I have seen it claimed, for example here (in the case $n=2$) that if $k$ is a field and $f_1,\ldots,f_n \in k[[x_1,\ldots,x_n]]$ all of which have zero constant coefficient, the homomorphism
$$\phi: k[[x_1,\ldots,x_n]] \to k[[x_1,\ldots,x_n]] $$ $$ \phi(x_i) = f_i$$
is an isomorphism if and only if $$\det\left(\frac{\partial f_i}{\partial x_j}\right)_{i,j} $$ is invertible i.e. has non-zero constant coefficient.
I am primarily interested in a reference where I can find a proof of this result.
This question has been asked here, but it is marked as a duplicate and the link to the question which it is a duplicate of is dead.

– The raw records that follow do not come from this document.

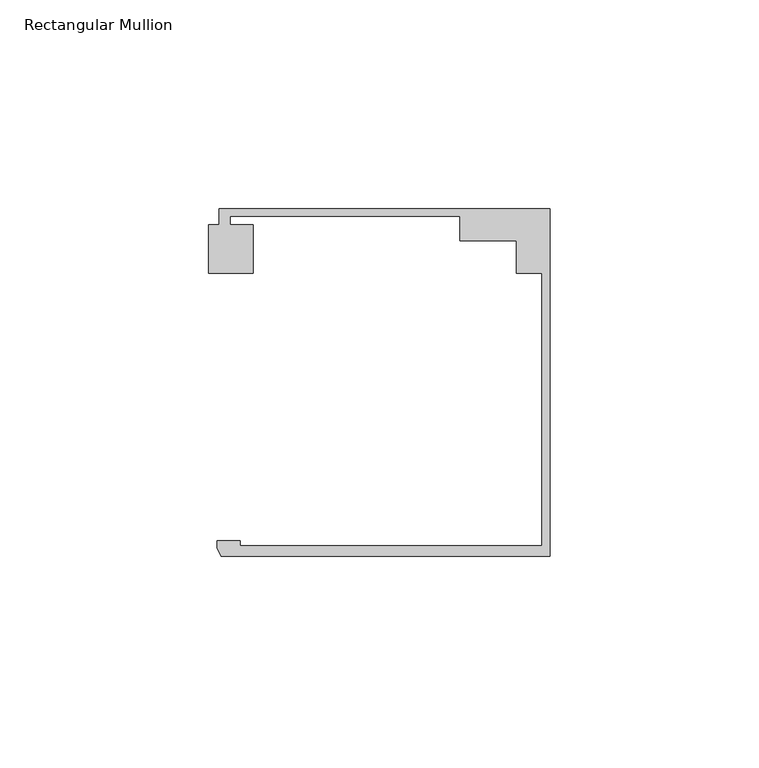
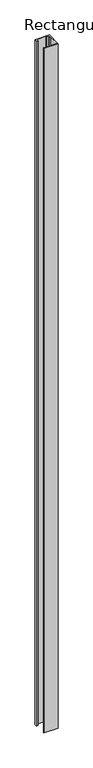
"""IFC4 building model written with IfcOpenShell, lengths in millimetres: member geometry, Rectangular Mullion : Danpal_Airpt_End-Mullion_B1."""

from ifc_helpers import new_model, si_unit, frame, origin, place, context, project, spatial, polyline, outline, extrude, source, transform, mapped, element, save


def rectangular_mullion_0d149754(model_context):
    return source(origin(), model_context, "Body", "SweptSolid", [
        extrude(outline(polyline([(-74.2474668, -74.9940824), (-2.0000001, -74.9940824), (-2.0000001, -9.7188964), (-8.1, -9.7188964), (-8.1, -1.8818054), (-21.5478166, -1.8818054), (-21.5478166, 4.0051512), (-76.6478166, 4.0051512), (-76.6478166, 2.0051513), (-71.1433532, 2.0051513), (-71.1433532, -9.6875514), (-81.8592324, -9.6875514), (-81.8592324, 2.0051513), (-79.3474874, 2.0051513), (-79.3474874, 5.8051514), (0.0, 5.8051514), (0.0, -77.4940825), (-78.8515009, -77.4940825), (-79.7784606, -75.5472671), (-79.7784606, -73.6940824), (-74.2474668, -73.6940824), (-74.2474668, -74.9940824)])), frame((0.0, 0.0, -4000.0), z_axis=(0.0, 0.0, 1.0), x_axis=(1.0, 0.0, 0.0)), (0.0, 0.0, 1.0), 4000.0),
    ])


if __name__ == "__main__":
    model = new_model("IFC4")
    model_context = context("Model", 3, world=origin())
    ifc_project = project(units=[si_unit("LENGTHUNIT", "METRE", prefix="MILLI")], contexts=[model_context])
    site = spatial("IfcSite", under=ifc_project)
    building = spatial("IfcBuilding", under=site)
    placement = place(None, origin())
    rectangular_mullion_shape = rectangular_mullion_0d149754(model_context)
    element("IfcMember", 1, ObjectType="Rectangular Mullion : Danpal_Airpt_End-Mullion_B1", at=placement, inside=building, context=model_context, shape_type="MappedRepresentation", body=[
        mapped(rectangular_mullion_shape, transform((0.0, 0.0, 0.0), x_axis=(1.0, 0.0, 0.0), y_axis=(0.0, 1.0, 0.0), z_axis=(0.0, 0.0, 1.0))),
    ])
    save(model, "model.ifc")
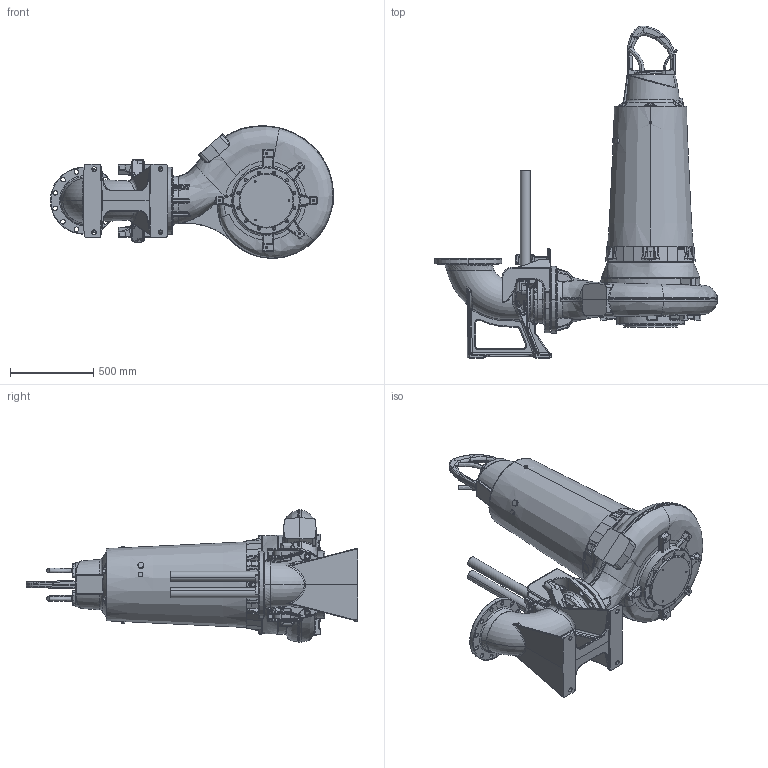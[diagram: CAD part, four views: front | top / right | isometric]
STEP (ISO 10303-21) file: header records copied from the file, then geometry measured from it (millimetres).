
FILE_DESCRIPTION (( 'STEP AP214' ), '1' );
FILE_NAME ('PE5_XFP250M-CH2_WET 2guide_A_NG2.STEP', '2017-03-08T11:36:53', ( '' ), ( '' ), 'SwSTEP 2.0', 'SolidWorks 2017', '' );
FILE_SCHEMA (( 'AUTOMOTIVE_DESIGN' ));
Length unit declared in the file: millimetre
Products named in the file (1): PE5_XFP250M-CH2_WET 2guide_A_NG2
Bounding box: 1704.5 x 1998.94 x 799 mm (x, y, z)
Volume: 388667545 mm3; surface area: 6644009.6 mm2
Topology: 4 solids, 6 shells, 3677 faces, 8983 edges, 5222 vertices
Faces by surface type: bspline 1296, cylinder 1026, plane 674, torus 300, cone 250, sphere 131
Entity records: 315033 total; most frequent: CARTESIAN_POINT 199540, ORIENTED_EDGE 17564, DIRECTION 13278, EDGE_CURVE 8782, AXIS2_PLACEMENT_3D 5364, VERTEX_POINT 5218, EDGE_LOOP 3876, UNCERTAINTY_MEASURE_WITH_UNIT 3683
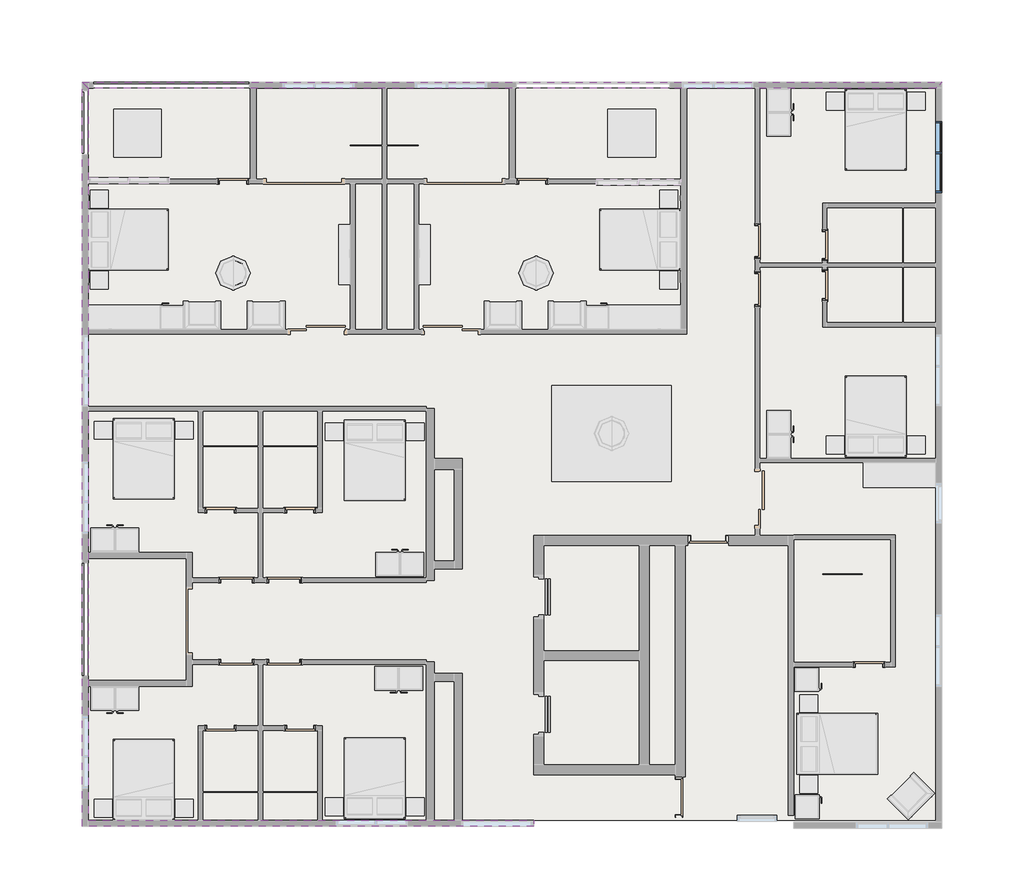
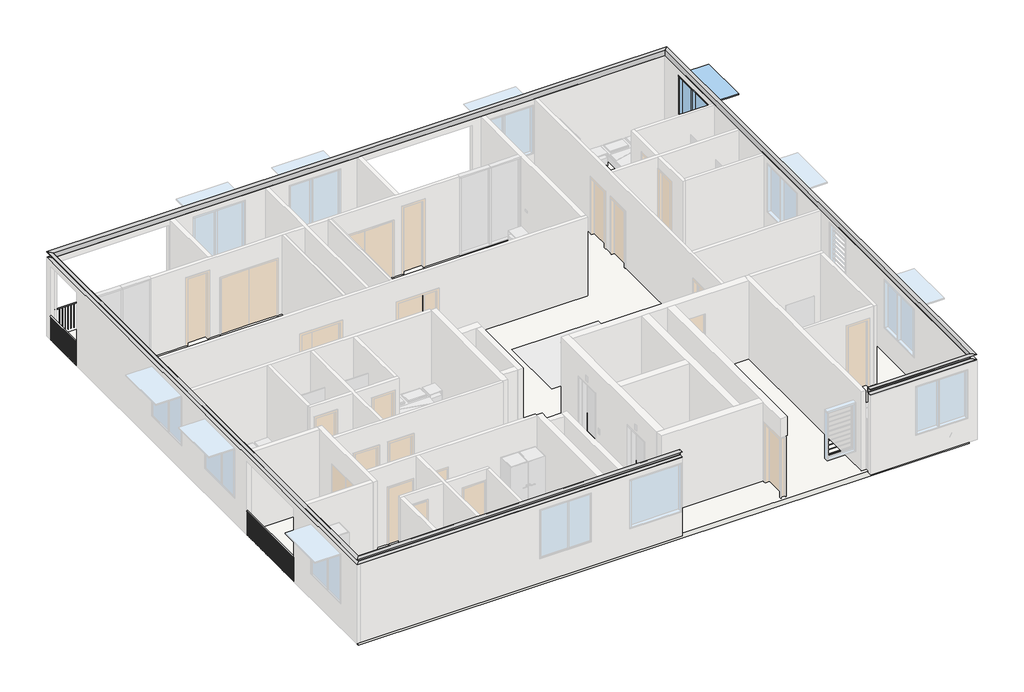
# One storey, part 3 of 4: 3 railings, 2 proxies, 1 slab, 1 window.
"""IFC4 building model written with IfcOpenShell, lengths in millimetres."""

from ifc_helpers import new_model, si_unit, point, frame, frame_2d, origin, place, context, project, spatial, polyline, circle_curve, ellipse_curve, trimmed, segment, composite_curve, outline, extrude, faceted_brep, transform, mapped, element, save
from ifc_brep_helpers import plane_surface, revolved_surface, advanced_brep
from components import window_bottom_hung_window_bottom_hung_09912109

model = new_model("IFC4")

# Units and contexts
model_context = context("Model", 3, world=origin())
ifc_project = project(units=[si_unit("LENGTHUNIT", "METRE", prefix="MILLI")], contexts=[model_context])

# Site, building, storey
site = spatial("IfcSite", under=ifc_project)
building = spatial("IfcBuilding", under=site)
storey = spatial("IfcBuildingStorey", under=building, Name="7階", Elevation=48500.0)

# Proxies
placement = place(None, origin())
element("IfcBuildingElementProxy", 1, Name="Slab Edge_PFC'", ObjectType="Slab Edge_PFC'", at=placement, inside=storey, context=model_context, shape_type="AdvancedBrep", body=[
    advanced_brep(
    [(2519.6057353, 18560.0, 51600.0), (2519.6057353, 18560.0, 51400.0), (2369.6057353, 18710.0, 51400.0), (2369.6057353, 18710.0, 51412.0), (2501.6057353, 18578.0, 51412.0), (2513.6057353, 18566.0, 51424.0), (2513.6057353, 18566.0, 51576.0), (2501.6057353, 18578.0, 51588.0), (2369.6057353, 18710.0, 51588.0), (2369.6057353, 18710.0, 51600.0), (2519.6057353, 189.0898177, 51600.0), (2519.6057353, 189.0898177, 51400.0), (2369.6057353, 39.0898177, 51400.0), (2369.6057353, 39.0898177, 51412.0), (2501.6057353, 171.0898177, 51412.0), (2513.6057353, 183.0898177, 51424.0), (2513.6057353, 183.0898177, 51576.0), (2501.6057353, 171.0898177, 51588.0), (2369.6057353, 39.0898177, 51588.0), (2369.6057353, 39.0898177, 51600.0), (13694.6062665, 189.0898177, 51400.0), (13694.6062665, 189.0898177, 51600.0), (13694.6062665, 39.0898177, 51600.0), (13694.6062665, 39.0898177, 51588.0), (13694.6062665, 171.0898177, 51588.0), (13694.6062665, 183.0898177, 51576.0), (13694.6062665, 183.0898177, 51424.0), (13694.6062665, 171.0898177, 51412.0), (13694.6062665, 39.0898177, 51412.0), (13694.6062665, 39.0898177, 51400.0)],
    [
        (0, 1),
        (1, 2),
        (2, 3),
        (3, 4),
        (4, 5, ellipse_curve(frame((2501.6057353, 18578.0, 51424.0), z_axis=(-0.7071067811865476, -0.7071067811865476, 0.0), x_axis=(0.7071067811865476, -0.7071067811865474, 0.0)), 16.9705627, 12.0)),
        (5, 6),
        (6, 7, ellipse_curve(frame((2501.6057353, 18578.0, 51576.0), z_axis=(-0.7071067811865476, -0.7071067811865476, 0.0), x_axis=(0.7071067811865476, -0.7071067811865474, 0.0)), 16.9705627, 12.0)),
        (7, 8),
        (8, 9),
        (9, 0),
        (0, 10),
        (10, 11),
        (11, 1),
        (11, 12),
        (12, 2),
        (12, 13),
        (13, 3),
        (13, 14),
        (14, 4),
        (14, 15, ellipse_curve(frame((2501.6057353, 171.0898177, 51424.0), z_axis=(0.7071067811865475, -0.7071067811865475, 0.0), x_axis=(-0.7071067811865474, -0.7071067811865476, 0.0)), 16.9705627, 12.0)),
        (15, 5),
        (15, 16),
        (16, 6),
        (16, 17, ellipse_curve(frame((2501.6057353, 171.0898177, 51576.0), z_axis=(0.7071067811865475, -0.7071067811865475, 0.0), x_axis=(-0.7071067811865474, -0.7071067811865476, 0.0)), 16.9705627, 12.0)),
        (17, 7),
        (17, 18),
        (18, 8),
        (18, 19),
        (19, 9),
        (19, 10),
        (20, 21),
        (21, 22),
        (22, 23),
        (23, 24),
        (24, 25, circle_curve(frame((13694.6062665, 171.0898177, 51576.0), z_axis=(-1.0, 0.0, 0.0), x_axis=(0.0, -1.0, 0.0)), 12.0)),
        (25, 26),
        (26, 27, circle_curve(frame((13694.6062665, 171.0898177, 51424.0), z_axis=(-1.0, 0.0, 0.0), x_axis=(0.0, -1.0, 0.0)), 12.0)),
        (27, 28),
        (28, 29),
        (29, 20),
        (10, 21),
        (20, 11),
        (29, 12),
        (28, 13),
        (27, 14),
        (26, 15),
        (25, 16),
        (24, 17),
        (23, 18),
        (22, 19),
    ],
    [
        plane_surface(frame((2519.6057353, 18560.0, 51600.0), z_axis=(0.7071067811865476, 0.7071067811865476, 0.0), x_axis=(-0.7071067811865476, 0.7071067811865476, 0.0))),
        plane_surface(frame((2519.6057353, 18560.0, 51600.0), z_axis=(1.0, 0.0, 0.0), x_axis=(0.0, -1.0, 0.0))),
        plane_surface(frame((2519.6057353, 18560.0, 51400.0), z_axis=(0.0, 0.0, -1.0), x_axis=(0.0, -1.0, 0.0))),
        plane_surface(frame((2369.6057353, 18710.0, 51400.0), z_axis=(-1.0, 0.0, 0.0), x_axis=(0.0, -1.0, 0.0))),
        plane_surface(frame((2369.6057353, 18710.0, 51412.0), z_axis=(0.0, 0.0, 1.0), x_axis=(0.0, -1.0, 0.0))),
        revolved_surface(polyline([(2489.6057353, 159.08981773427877, 51424.0), (2489.6057353, 18589.999999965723, 51424.0)]), (2501.6057353, 18560.0, 51424.0), (0.0, -1.0, 0.0)),
        plane_surface(frame((2513.6057353, 18566.0, 51424.0), z_axis=(-1.0, 0.0, 0.0), x_axis=(0.0, -1.0, 0.0))),
        revolved_surface(polyline([(2489.6057353, 159.08981773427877, 51576.0), (2489.6057353, 18589.999999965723, 51576.0)]), (2501.6057353, 18560.0, 51576.0), (0.0, -1.0, 0.0)),
        plane_surface(frame((2501.6057353, 18578.0, 51588.0), z_axis=(0.0, 0.0, -1.0), x_axis=(0.0, -1.0, 0.0))),
        plane_surface(frame((2369.6057353, 18710.0, 51588.0), z_axis=(-1.0, 0.0, 0.0), x_axis=(0.0, -1.0, 0.0))),
        plane_surface(frame((2369.6057353, 18710.0, 51600.0), z_axis=(0.0, 0.0, 1.0), x_axis=(0.0, -1.0, 0.0))),
        plane_surface(frame((13694.6062665, 189.0898177, 51350.0), z_axis=(1.0, 0.0, 0.0), x_axis=(0.0, 1.0, 0.0))),
        plane_surface(frame((2519.6057353, 189.0898177, 51600.0), z_axis=(0.0, 1.0, 0.0), x_axis=(1.0, 0.0, 0.0))),
        plane_surface(frame((2519.6057353, 189.0898177, 51400.0), z_axis=(0.0, 0.0, -1.0), x_axis=(1.0, 0.0, 0.0))),
        plane_surface(frame((2369.6057353, 39.0898177, 51400.0), z_axis=(0.0, -1.0, 0.0), x_axis=(1.0, 0.0, 0.0))),
        plane_surface(frame((2369.6057353, 39.0898177, 51412.0), z_axis=(0.0, 0.0, 1.0), x_axis=(1.0, 0.0, 0.0))),
        revolved_surface(polyline([(13694.6062665, 159.0898177, 51424.0), (2489.6057353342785, 159.0898177, 51424.0)]), (2519.6057353, 171.0898177, 51424.0), (1.0, 0.0, 0.0)),
        plane_surface(frame((2513.6057353, 183.0898177, 51424.0), z_axis=(0.0, -1.0, 0.0), x_axis=(1.0, 0.0, 0.0))),
        revolved_surface(polyline([(13694.6062665, 159.0898177, 51576.0), (2489.6057353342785, 159.0898177, 51576.0)]), (2519.6057353, 171.0898177, 51576.0), (1.0, 0.0, 0.0)),
        plane_surface(frame((2501.6057353, 171.0898177, 51588.0), z_axis=(0.0, 0.0, -1.0), x_axis=(1.0, 0.0, 0.0))),
        plane_surface(frame((2369.6057353, 39.0898177, 51588.0), z_axis=(0.0, -1.0, 0.0), x_axis=(1.0, 0.0, 0.0))),
        plane_surface(frame((2369.6057353, 39.0898177, 51600.0), z_axis=(0.0, 0.0, 1.0), x_axis=(1.0, 0.0, 0.0))),
    ],
    [
        (0, [[1, 2, 3, 4, 5, 6, 7, 8, 9, 10]]),
        (1, [[-1, 11, 12, 13]]),
        (2, [[-2, -13, 14, 15]]),
        (3, [[-3, -15, 16, 17]]),
        (4, [[-4, -17, 18, 19]]),
        (5, [[-5, -19, 20, 21]]),
        (6, [[-6, -21, 22, 23]]),
        (7, [[-7, -23, 24, 25]]),
        (8, [[-8, -25, 26, 27]]),
        (9, [[-9, -27, 28, 29]]),
        (10, [[-10, -29, 30, -11]]),
        (11, [[31, 32, 33, 34, 35, 36, 37, 38, 39, 40]]),
        (12, [[-12, 41, -31, 42]]),
        (13, [[-14, -42, -40, 43]]),
        (14, [[-16, -43, -39, 44]]),
        (15, [[-18, -44, -38, 45]]),
        (16, [[-20, -45, -37, 46]]),
        (17, [[-22, -46, -36, 47]]),
        (18, [[-24, -47, -35, 48]]),
        (19, [[-26, -48, -34, 49]]),
        (20, [[-28, -49, -33, 50]]),
        (21, [[-30, -50, -32, -41]]),
    ],
),
    advanced_brep(
    [(23783.6171203, 18560.0, 51400.0), (23783.6171203, 18560.0, 51600.0), (23933.6171203, 18710.0, 51600.0), (23933.6171203, 18710.0, 51588.0), (23801.6171203, 18578.0, 51588.0), (23789.6171203, 18566.0, 51576.0), (23789.6171203, 18566.0, 51424.0), (23801.6171203, 18578.0, 51412.0), (23933.6171203, 18710.0, 51412.0), (23933.6171203, 18710.0, 51400.0), (23783.6171203, 189.0898177, 51400.0), (23783.6171203, 189.0898177, 51600.0), (23933.6171203, 39.0898177, 51400.0), (23933.6171203, 39.0898177, 51412.0), (23801.6171203, 171.0898177, 51412.0), (23789.6171203, 183.0898177, 51424.0), (23789.6171203, 183.0898177, 51576.0), (23801.6171203, 171.0898177, 51588.0), (23933.6171203, 39.0898177, 51588.0), (23933.6171203, 39.0898177, 51600.0), (20219.6062665, 189.0898177, 51600.0), (20219.6062665, 189.0898177, 51400.0), (20219.6062665, 39.0898177, 51400.0), (20219.6062665, 39.0898177, 51412.0), (20219.6062665, 171.0898177, 51412.0), (20219.6062665, 183.0898177, 51424.0), (20219.6062665, 183.0898177, 51576.0), (20219.6062665, 171.0898177, 51588.0), (20219.6062665, 39.0898177, 51588.0), (20219.6062665, 39.0898177, 51600.0)],
    [
        (0, 1),
        (1, 2),
        (2, 3),
        (3, 4),
        (4, 5, ellipse_curve(frame((23801.6171203, 18578.0, 51576.0), z_axis=(0.7071067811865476, -0.7071067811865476, 0.0), x_axis=(0.7071067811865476, 0.7071067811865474, 0.0)), 16.9705627, 12.0)),
        (5, 6),
        (6, 7, ellipse_curve(frame((23801.6171203, 18578.0, 51424.0), z_axis=(0.7071067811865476, -0.7071067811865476, 0.0), x_axis=(0.7071067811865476, 0.7071067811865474, 0.0)), 16.9705627, 12.0)),
        (7, 8),
        (8, 9),
        (9, 0),
        (10, 11),
        (11, 1),
        (0, 10),
        (12, 10),
        (9, 12),
        (13, 12),
        (8, 13),
        (14, 13),
        (7, 14),
        (15, 14, ellipse_curve(frame((23801.6171203, 171.0898177, 51424.0), z_axis=(-0.7071067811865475, -0.7071067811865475, 0.0), x_axis=(-0.7071067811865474, 0.7071067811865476, 0.0)), 16.9705627, 12.0)),
        (6, 15),
        (16, 15),
        (5, 16),
        (17, 16, ellipse_curve(frame((23801.6171203, 171.0898177, 51576.0), z_axis=(-0.7071067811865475, -0.7071067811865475, 0.0), x_axis=(-0.7071067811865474, 0.7071067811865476, 0.0)), 16.9705627, 12.0)),
        (4, 17),
        (18, 17),
        (3, 18),
        (19, 18),
        (2, 19),
        (11, 19),
        (20, 21),
        (21, 22),
        (22, 23),
        (23, 24),
        (24, 25, circle_curve(frame((20219.6062665, 171.0898177, 51424.0), z_axis=(1.0, 0.0, 0.0), x_axis=(0.0, -1.0, 0.0)), 12.0)),
        (25, 26),
        (26, 27, circle_curve(frame((20219.6062665, 171.0898177, 51576.0), z_axis=(1.0, 0.0, 0.0), x_axis=(0.0, -1.0, 0.0)), 12.0)),
        (27, 28),
        (28, 29),
        (29, 20),
        (10, 21),
        (20, 11),
        (12, 22),
        (13, 23),
        (14, 24),
        (15, 25),
        (16, 26),
        (17, 27),
        (18, 28),
        (19, 29),
    ],
    [
        plane_surface(frame((23783.6171203, 18560.0, 51600.0), z_axis=(-0.7071067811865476, 0.7071067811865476, 0.0), x_axis=(-0.7071067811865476, -0.7071067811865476, 0.0))),
        plane_surface(frame((23783.6171203, 189.0898177, 51600.0), z_axis=(-1.0, 0.0, 0.0), x_axis=(0.0, 1.0, 0.0))),
        plane_surface(frame((23783.6171203, 189.0898177, 51400.0), z_axis=(0.0, 0.0, -1.0), x_axis=(0.0, 1.0, 0.0))),
        plane_surface(frame((23933.6171203, 39.0898177, 51400.0), z_axis=(1.0, 0.0, 0.0), x_axis=(0.0, 1.0, 0.0))),
        plane_surface(frame((23933.6171203, 39.0898177, 51412.0), z_axis=(0.0, 0.0, 1.0), x_axis=(0.0, 1.0, 0.0))),
        revolved_surface(polyline([(23813.6171203, 18589.999999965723, 51424.0), (23813.6171203, 159.0898177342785, 51424.0)]), (23801.6171203, 189.0898177, 51424.0), (0.0, 1.0, 0.0)),
        plane_surface(frame((23789.6171203, 183.0898177, 51424.0), z_axis=(1.0, 0.0, 0.0), x_axis=(0.0, 1.0, 0.0))),
        revolved_surface(polyline([(23813.6171203, 18589.999999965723, 51576.0), (23813.6171203, 159.0898177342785, 51576.0)]), (23801.6171203, 189.0898177, 51576.0), (0.0, 1.0, 0.0)),
        plane_surface(frame((23801.6171203, 171.0898177, 51588.0), z_axis=(0.0, 0.0, -1.0), x_axis=(0.0, 1.0, 0.0))),
        plane_surface(frame((23933.6171203, 39.0898177, 51588.0), z_axis=(1.0, 0.0, 0.0), x_axis=(0.0, 1.0, 0.0))),
        plane_surface(frame((23933.6171203, 39.0898177, 51600.0), z_axis=(0.0, 0.0, 1.0), x_axis=(0.0, 1.0, 0.0))),
        plane_surface(frame((20219.6062665, 189.0898177, 51350.0), z_axis=(-1.0, 0.0, 0.0), x_axis=(0.0, 1.0, 0.0))),
        plane_surface(frame((20219.6062665, 189.0898177, 51600.0), z_axis=(0.0, 1.0, 0.0), x_axis=(1.0, 0.0, 0.0))),
        plane_surface(frame((20219.6062665, 189.0898177, 51400.0), z_axis=(0.0, 0.0, -1.0), x_axis=(1.0, 0.0, 0.0))),
        plane_surface(frame((20219.6062665, 39.0898177, 51400.0), z_axis=(0.0, -1.0, 0.0), x_axis=(1.0, 0.0, 0.0))),
        plane_surface(frame((20219.6062665, 39.0898177, 51412.0), z_axis=(0.0, 0.0, 1.0), x_axis=(1.0, 0.0, 0.0))),
        revolved_surface(polyline([(23813.617120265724, 159.0898177, 51424.0), (20219.6062665, 159.0898177, 51424.0)]), (20219.6062665, 171.0898177, 51424.0), (1.0, 0.0, 0.0)),
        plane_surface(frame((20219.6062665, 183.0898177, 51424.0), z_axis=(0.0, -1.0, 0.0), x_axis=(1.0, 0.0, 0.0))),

Partial progress: Surjectivity is not too difficult. Let $$J(x_1,\ldots,x_n) = \left(\frac{\partial f_i}{\partial x_j}\right) $$ and let $H(x_1,\ldots,x_n)$ be the inverse matrix. Then $$\sum_{j=1}^n H_{ij}(x_1,\ldots,x_n)f_i(x_1,\ldots,x_n) = x_i + \text{ higher order terms }$$ Then we can make successive higher-order corrections to get an expression for $x_i$. Hence, $x_1,\ldots,x_n$ are in the image of the map $\phi$.